— EXERCISE AIM —
Filter the listing below down to the lines with the word "ANSI" and copy those.
=== DATA PROVIDED ===
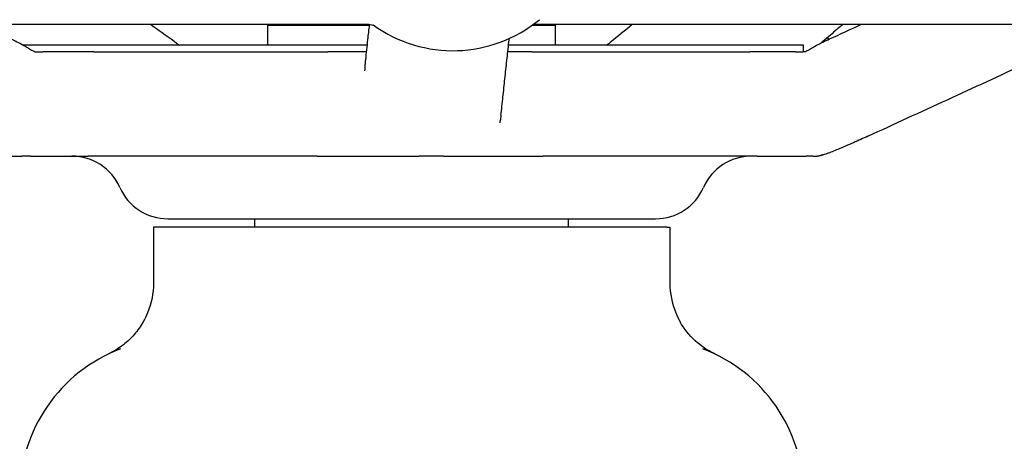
# Model space of a CAD drawing. Header units: inches. Extents: x 24 to 1128, y -94 to 748.
# Tile 490 of 573: x 933.25 to 935.61, y 265.32 to 266.33. Entities that reach past the tile are written whole.
import ezdxf

# ---------------------------------------------------------------- set-up
doc = ezdxf.new("R2010")
doc.units = ezdxf.units.IN
doc.header["$LTSCALE"] = 32
doc.header["$MEASUREMENT"] = 0
doc.layers.add('Visible (ANSI)', color=7, linetype='Continuous', lineweight=30)

msp = doc.modelspace()

# ---------------------------------------------------------------- linework, layer by layer
at = {"layer": 'Visible (ANSI)'}
for p, q in [((934.08542, 266.31512), (932.39076, 266.31512)), ((933.84791, 266.31362), (934.09074, 266.31362)), ((933.84791, 266.26575), (933.84791, 266.31362)), ((933.86682, 266.31362), (933.8697, 266.31512)), ((934.47987, 266.31362), (934.53541, 266.31362)), ((936.07016, 266.31512), (934.48947, 266.31512)), ((934.5209, 266.31512), (934.51803, 266.31362)), ((934.53541, 266.26575), (934.53541, 266.31362)), ((934.08558, 266.26575), (933.26303, 266.26575)), ((935.12916, 266.26575), (934.42327, 266.26575)), ((935.12916, 266.25028), (935.12916, 266.26575)), ((933.43161, 266.25012), (933.3103, 266.25012)), ((933.43161, 266.25012), (933.99116, 266.25012)), ((933.43161, 266.25012), (933.99116, 266.25012)), ((934.08391, 266.25012), (933.99116, 266.25012)), ((934.47877, 266.25012), (934.42158, 266.25012)), ((934.47877, 266.25012), (935.00069, 266.25012)), ((934.47877, 266.25012), (935.00069, 266.25012)), ((935.10955, 266.25012), (935.00069, 266.25012)), ((933.22592, 266.00012), (933.25891, 266.00012)), ((933.2797, 266.00012), (933.25891, 266.00012)), ((933.2797, 266.00012), (933.41764, 266.00012)), ((933.9658, 266.00012), (933.41764, 266.00012)), ((933.9658, 266.00012), (934.20953, 266.00012)), ((934.26816, 266.00012), (934.20953, 266.00012)), ((934.26816, 266.00012), (934.50652, 266.00012)), ((935.01781, 266.00012), (934.50652, 266.00012)), ((935.01781, 266.00012), (935.13545, 266.00012)), ((935.1509, 266.00012), (935.13545, 266.00012)), ((935.1509, 266.00012), (935.16175, 266.00012)), ((933.60834, 265.85012), (934.77497, 265.85012)), ((933.81666, 265.83012), (933.81666, 265.85012)), ((934.56666, 265.83012), (934.56666, 265.85012)), ((933.58062, 265.83012), (933.57416, 265.83012)), ((933.57416, 265.83012), (933.57416, 265.69617)), ((933.58825, 265.83012), (933.58062, 265.83012)), ((934.79507, 265.83012), (933.58825, 265.83012)), ((934.80271, 265.83012), (934.79507, 265.83012)), ((934.80271, 265.83012), (934.80916, 265.83012)), ((934.80916, 265.83012), (934.80916, 265.69617))]:
    msp.add_line(p, q, dxfattribs=at)
for centre, radius, start, end in [((934.29032, 266.57762), 0.325, 234.08441, 309.50864), ((935.32276, 266.57762), 0.325, 244.98517, 246.04872), ((933.37916, 265.87512), 0.125, 23.57818, 90), ((935.00416, 265.87512), 0.125, 90, 156.42182), ((933.60829, 265.97512), 0.125, 203.57818, 270), ((934.77503, 265.97512), 0.125, 270, 336.42182), ((933.62916, 265.18862), 0.375, 110.89571, 180), ((934.75416, 265.18862), 0.375, 0, 69.10429)]:
    msp.add_arc(centre, radius, start, end, dxfattribs=at)
for points in [[(933.62352, 266.27491), (933.60461, 266.28831), (933.58569, 266.30172), (933.56678, 266.31512)], [(934.71932, 266.31512), (934.70176, 266.30092), (934.6842, 266.28671), (934.66664, 266.27252)], [(935.19103, 266.2807), (935.21599, 266.29217), (935.24095, 266.30365), (935.26591, 266.31512)], [(935.17521, 266.27483), (935.17355, 266.27349), (935.1719, 266.27215), (935.17025, 266.27081)]]:
    msp.add_open_spline(points, degree=3, dxfattribs=at)
for points, knots in [([(934.08179, 266.23062), (934.08353, 266.24674), (934.08527, 266.26287), (934.0883, 266.29095), (934.08958, 266.3029), (934.09087, 266.31485)], [0.77160372, 0.77160372, 0.77160372, 0.77160372, 1.07474202, 1.07474202, 1.29924856, 1.29924856, 1.29924856, 1.29924856]), ([(934.10324, 266.31187), (934.10257, 266.31216), (934.10148, 266.3126), (934.09808, 266.31362), (934.09591, 266.31419), (934.09074, 266.3149), (934.08835, 266.31512), (934.08542, 266.31512)], [0.52279542, 0.52279542, 0.52279542, 0.52279542, 0.545370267, 0.545370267, 0.565399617, 0.565399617, 0.577961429, 0.577961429, 0.577961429, 0.577961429]), ([(934.48947, 266.31512), (934.48606, 266.31512), (934.48364, 266.3148), (934.48148, 266.31442), (934.48111, 266.31435), (934.48078, 266.31428)], [0, 0, 0, 0, 0.023018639, 0.023018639, 0.0282285, 0.0282285, 0.0282285, 0.0282285]), ([(935.22338, 266.31512), (935.22222, 266.31436), (935.22102, 266.31354), (935.21589, 266.3098), (935.21203, 266.30658), (935.2033, 266.29897), (935.19845, 266.29448), (935.1873, 266.2846), (935.18029, 266.27894), (935.17521, 266.27483)], [0.29203731, 0.29203731, 0.29203731, 0.29203731, 0.30796327, 0.30796327, 0.36147562, 0.36147562, 0.43281014, 0.43281014, 0.51871093, 0.51871093, 0.51871093, 0.51871093]), ([(933.2343, 266.28039), (933.24603, 266.27483), (933.25749, 266.2691), (933.27243, 266.26029), (933.27634, 266.25788), (933.28174, 266.25463), (933.28322, 266.25375), (933.28576, 266.25229), (933.28684, 266.25169), (933.28841, 266.25087), (933.28897, 266.25058), (933.28999, 266.25008), (933.29043, 266.24988), (933.29102, 266.24963), (933.29119, 266.24955), (933.29139, 266.24948), (933.29143, 266.24946), (933.29143, 266.24946)], [0, 0, 0, 0, 0.10474171, 0.10474171, 0.14093521, 0.14093521, 0.15449192, 0.15449192, 0.16471611, 0.16471611, 0.17102308, 0.17102308, 0.17849198, 0.17849198, 0.1854649, 0.1854649, 0.19170635, 0.19170635, 0.19170635, 0.19170635]), ([(933.62352, 266.27491), (933.62579, 266.27331), (933.62866, 266.27131), (933.63305, 266.26807), (933.63457, 266.26692), (933.63607, 266.26575)], [0, 0, 0, 0, 0.033112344, 0.033112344, 0.050501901, 0.050501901, 0.050501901, 0.050501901]), ([(934.40518, 266.09793), (934.40675, 266.11249), (934.40832, 266.12707), (934.41147, 266.15622), (934.41304, 266.1708), (934.41618, 266.19997), (934.41775, 266.21456), (934.4209, 266.24373), (934.42247, 266.25832), (934.42436, 266.27589), (934.42468, 266.27887), (934.425, 266.28184)], [0.7332962, 0.7332962, 0.7332962, 0.7332962, 1.0071895, 1.0071895, 1.2810829, 1.2810829, 1.5549762, 1.5549762, 1.8288696, 1.8288696, 1.8847241, 1.8847241, 1.8847241, 1.8847241]), ([(934.65835, 266.26575), (934.65852, 266.2659), (934.6587, 266.26605), (934.66086, 266.26788), (934.66288, 266.2695), (934.66533, 266.27147), (934.66601, 266.27201), (934.66664, 266.27252)], [0.369790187, 0.369790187, 0.369790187, 0.369790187, 0.371993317, 0.371993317, 0.397057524, 0.397057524, 0.40805669, 0.40805669, 0.40805669, 0.40805669]), ([(935.13275, 266.25037), (935.13275, 266.25037), (935.13276, 266.25037), (935.13283, 266.2504), (935.13295, 266.25044), (935.13338, 266.25061), (935.13363, 266.25071), (935.13432, 266.25102), (935.13479, 266.25124), (935.13584, 266.25175), (935.1364, 266.25204), (935.13783, 266.2528), (935.13874, 266.2533), (935.14232, 266.25532), (935.14507, 266.25696), (935.15186, 266.26095), (935.15587, 266.26324), (935.16966, 266.27072), (935.18032, 266.27578), (935.19103, 266.2807)], [0.14183772, 0.14183772, 0.14183772, 0.14183772, 0.14607956, 0.14607956, 0.15657381, 0.15657381, 0.16360701, 0.16360701, 0.17078889, 0.17078889, 0.17683828, 0.17683828, 0.18529246, 0.18529246, 0.21005388, 0.21005388, 0.24840144, 0.24840144, 0.34101643, 0.34101643, 0.34101643, 0.34101643]), ([(935.28256, 266.04784), (935.31427, 266.06241), (935.34597, 266.07698), (935.40937, 266.10614), (935.44107, 266.12072), (935.50447, 266.14989), (935.53617, 266.16447), (935.59956, 266.19365), (935.63125, 266.20824), (935.69464, 266.23743), (935.72633, 266.25202), (935.75802, 266.26662)], [0.4228722, 0.4228722, 0.4228722, 0.4228722, 0.6967656, 0.6967656, 0.970659, 0.970659, 1.2445523, 1.2445523, 1.5184457, 1.5184457, 1.792339, 1.792339, 1.792339, 1.792339]), ([(933.28959, 266.25028), (933.28982, 266.25027), (933.29006, 266.25027), (933.29097, 266.25024), (933.29163, 266.25023), (933.29295, 266.2502), (933.29363, 266.25019), (933.29611, 266.25016), (933.29784, 266.25015), (933.30125, 266.25013), (933.30292, 266.25013), (933.30544, 266.25013), (933.30628, 266.25013), (933.30776, 266.25013), (933.30838, 266.25012), (933.30916, 266.25012), (933.30925, 266.25012), (933.30936, 266.25012), (933.30938, 266.25012), (933.30942, 266.25012), (933.30944, 266.25012), (933.30947, 266.25012), (933.30949, 266.25012), (933.30976, 266.25012), (933.31002, 266.25012), (933.31029, 266.25012)], [0.287281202, 0.287281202, 0.287281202, 0.287281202, 0.289064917, 0.289064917, 0.294371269, 0.294371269, 0.300336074, 0.300336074, 0.316953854, 0.316953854, 0.333382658, 0.333382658, 0.341579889, 0.341579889, 0.347730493, 0.347730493, 0.348500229, 0.348500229, 0.348663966, 0.348663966, 0.348829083, 0.348829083, 0.348913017, 0.348913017, 0.351147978, 0.351147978, 0.351147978, 0.351147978]), ([(935.10957, 266.25012), (935.10986, 266.25012), (935.11016, 266.25012), (935.11046, 266.25012), (935.11047, 266.25012), (935.1105, 266.25012), (935.11052, 266.25012), (935.11061, 266.25012), (935.11067, 266.25012), (935.1108, 266.25012), (935.11086, 266.25012), (935.11169, 266.25013), (935.11237, 266.25013), (935.11399, 266.25013), (935.1149, 266.25013), (935.11833, 266.25014), (935.12081, 266.25014), (935.12448, 266.25018), (935.12554, 266.2502), (935.12717, 266.25023), (935.12768, 266.25024), (935.12877, 266.25027), (935.12936, 266.25029), (935.13027, 266.25033), (935.13059, 266.25034), (935.13104, 266.25037), (935.13119, 266.25038), (935.1316, 266.2504), (935.13186, 266.25042), (935.13232, 266.25045), (935.13252, 266.25047), (935.13286, 266.2505), (935.13299, 266.25051), (935.13313, 266.25052), (935.13315, 266.25053), (935.13318, 266.25053)], [0, 0, 0, 0, 0.002309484, 0.002309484, 0.002382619, 0.002382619, 0.002528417, 0.002528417, 0.003107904, 0.003107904, 0.003704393, 0.003704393, 0.011074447, 0.011074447, 0.020897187, 0.020897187, 0.048314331, 0.048314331, 0.058957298, 0.058957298, 0.063589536, 0.063589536, 0.068304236, 0.068304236, 0.070655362, 0.070655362, 0.071816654, 0.071816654, 0.074166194, 0.074166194, 0.077036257, 0.077036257, 0.08007559, 0.08007559, 0.080855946, 0.080855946, 0.080855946, 0.080855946]), ([(934.07986, 266.2046), (934.07986, 266.2046), (934.07986, 266.2046), (934.07986, 266.20462), (934.07987, 266.20482), (934.07993, 266.20573), (934.07999, 266.20668), (934.08013, 266.20918), (934.08023, 266.21086), (934.08046, 266.21476), (934.0806, 266.21701), (934.08097, 266.2221), (934.08121, 266.225), (934.08155, 266.22839), (934.08164, 266.22922), (934.08174, 266.23017), (934.08177, 266.2304), (934.08179, 266.23062)], [0.39505215, 0.39505215, 0.39505215, 0.39505215, 0.39558435, 0.39558435, 0.40525064, 0.40525064, 0.42132108, 0.42132108, 0.44262059, 0.44262059, 0.47100407, 0.47100407, 0.50890401, 0.50890401, 0.52153513, 0.52153513, 0.52574122, 0.52574122, 0.52574122, 0.52574122]), ([(934.40518, 266.09793), (934.40508, 266.09697), (934.40493, 266.09563), (934.40452, 266.09227), (934.4042, 266.09003), (934.40346, 266.08592), (934.40307, 266.08406), (934.40257, 266.0818), (934.40241, 266.08109), (934.40226, 266.08043), (934.40223, 266.08028), (934.40222, 266.08022), (934.40222, 266.08021), (934.40222, 266.08021)], [0, 0, 0, 0, 0.018818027, 0.018818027, 0.042443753, 0.042443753, 0.063358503, 0.063358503, 0.07651892, 0.07651892, 0.08373261, 0.08373261, 0.085554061, 0.085554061, 0.085554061, 0.085554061]), ([(935.28256, 266.04784), (935.27126, 266.04265), (935.2598, 266.03741), (935.2359, 266.02679), (935.22328, 266.0213), (935.20647, 266.01433), (935.20185, 266.01246), (935.19303, 266.00901), (935.18883, 266.00745), (935.18306, 266.00549), (935.18122, 266.0049), (935.17836, 266.00405), (935.17738, 266.00377), (935.17581, 266.00335), (935.17527, 266.0032), (935.17413, 266.00291), (935.17352, 266.00276), (935.17258, 266.00253), (935.17226, 266.00245), (935.17164, 266.0023), (935.17134, 266.00223), (935.17079, 266.00211), (935.17054, 266.00205), (935.16991, 266.0019), (935.16961, 266.00183), (935.16893, 266.00168), (935.16871, 266.00163), (935.16853, 266.00159), (935.1685, 266.00158), (935.1685, 266.00158)], [0, 0, 0, 0, 0.09764107, 0.09764107, 0.20014664, 0.20014664, 0.23930076, 0.23930076, 0.27864659, 0.27864659, 0.29814838, 0.29814838, 0.30790559, 0.30790559, 0.3127903, 0.3127903, 0.31771137, 0.31771137, 0.32016895, 0.32016895, 0.32264172, 0.32264172, 0.32511111, 0.32511111, 0.33009062, 0.33009062, 0.33996153, 0.33996153, 0.34550167, 0.34550167, 0.34550167, 0.34550167]), ([(935.17268, 266.00255), (935.17241, 266.00244), (935.17218, 266.00234), (935.17124, 266.00196), (935.1708, 266.0018), (935.1695, 266.00134), (935.16932, 266.00128), (935.16802, 266.0009), (935.16746, 266.00074), (935.16636, 266.00051), (935.16595, 266.00044), (935.16512, 266.00032), (935.16474, 266.00027), (935.16409, 266.00021), (935.1639, 266.00019), (935.16351, 266.00017), (935.16332, 266.00016), (935.16301, 266.00015), (935.16296, 266.00014), (935.16286, 266.00014), (935.16282, 266.00014), (935.16272, 266.00014), (935.16267, 266.00014), (935.16258, 266.00013), (935.16255, 266.00013), (935.16249, 266.00013), (935.16246, 266.00013), (935.1624, 266.00013), (935.16237, 266.00013), (935.16229, 266.00013), (935.16224, 266.00013), (935.16212, 266.00013), (935.16206, 266.00013), (935.16197, 266.00013), (935.16194, 266.00013), (935.16189, 266.00012), (935.16187, 266.00012), (935.16182, 266.00012), (935.16178, 266.00012), (935.16174, 266.00012)], [0.11779335, 0.11779335, 0.11779335, 0.11779335, 0.12539603, 0.12539603, 0.15267282, 0.15267282, 0.22590879, 0.22590879, 0.25983755, 0.25983755, 0.27709352, 0.27709352, 0.29003826, 0.29003826, 0.29489319, 0.29489319, 0.29854506, 0.29854506, 0.29917519, 0.29917519, 0.29964483, 0.29964483, 0.30011832, 0.30011832, 0.30035436, 0.30035436, 0.30059124, 0.30059124, 0.30082774, 0.30082774, 0.30130555, 0.30130555, 0.30225858, 0.30225858, 0.30319876, 0.30319876, 0.30413637, 0.30413637, 0.30675068, 0.30675068, 0.30675068, 0.30675068]), ([(933.57416, 265.69617), (933.57416, 265.67175), (933.56939, 265.64757), (933.55712, 265.61766), (933.55366, 265.61054), (933.54976, 265.60368)], [0, 0, 0, 0, 0.18604443, 0.18604443, 0.24640289, 0.24640289, 0.24640289, 0.24640289]), ([(934.80916, 265.69617), (934.80916, 265.67175), (934.81393, 265.64757), (934.82621, 265.61766), (934.82967, 265.61054), (934.83356, 265.60368)], [0, 0, 0, 0, 0.18604443, 0.18604443, 0.24640289, 0.24640289, 0.24640289, 0.24640289]), ([(933.54976, 265.60368), (933.54363, 265.59287), (933.53644, 265.58269), (933.52037, 265.56416), (933.51157, 265.55581), (933.49106, 265.5398), (933.48147, 265.53428), (933.47564, 265.53112), (933.4752, 265.53089), (933.47474, 265.53064)], [0, 0, 0, 0, 0.09469213, 0.09469213, 0.18700728, 0.18700728, 0.29404594, 0.29404594, 0.30156032, 0.30156032, 0.30156032, 0.30156032]), ([(934.90858, 265.53064), (934.90774, 265.53109), (934.90692, 265.53154), (934.89887, 265.53597), (934.88486, 265.54425), (934.8554, 265.57136), (934.84319, 265.58671), (934.83356, 265.60368)], [0.01028684, 0.01028684, 0.01028684, 0.01028684, 0.01590204, 0.01590204, 0.08584187, 0.08584187, 0.15193376, 0.15193376, 0.15193376, 0.15193376]), ([(933.47474, 265.53064), (933.47249, 265.52944), (933.47016, 265.52827), (933.46768, 265.52708), (933.46759, 265.52703), (933.4675, 265.52699)], [-0.020804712, -0.020804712, -0.020804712, -0.020804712, 0, 0, 0.000806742, 0.000806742, 0.000806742, 0.000806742]), ([(934.91583, 265.52699), (934.91574, 265.52703), (934.91564, 265.52708), (934.9132, 265.52825), (934.91088, 265.52942), (934.90858, 265.53064)], [-0.719927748, -0.719927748, -0.719927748, -0.719927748, -0.71835885, -0.71835885, -0.678581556, -0.678581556, -0.678581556, -0.678581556])]:
    msp.add_open_spline(points, degree=3, knots=knots, dxfattribs=at)

doc.saveas('drawing.dxf')
===
— WRITTEN SOLUTION —
doc.layers.add('Visible (ANSI)', color=7, linetype='Continuous', lineweight=30)
at = {"layer": 'Visible (ANSI)'}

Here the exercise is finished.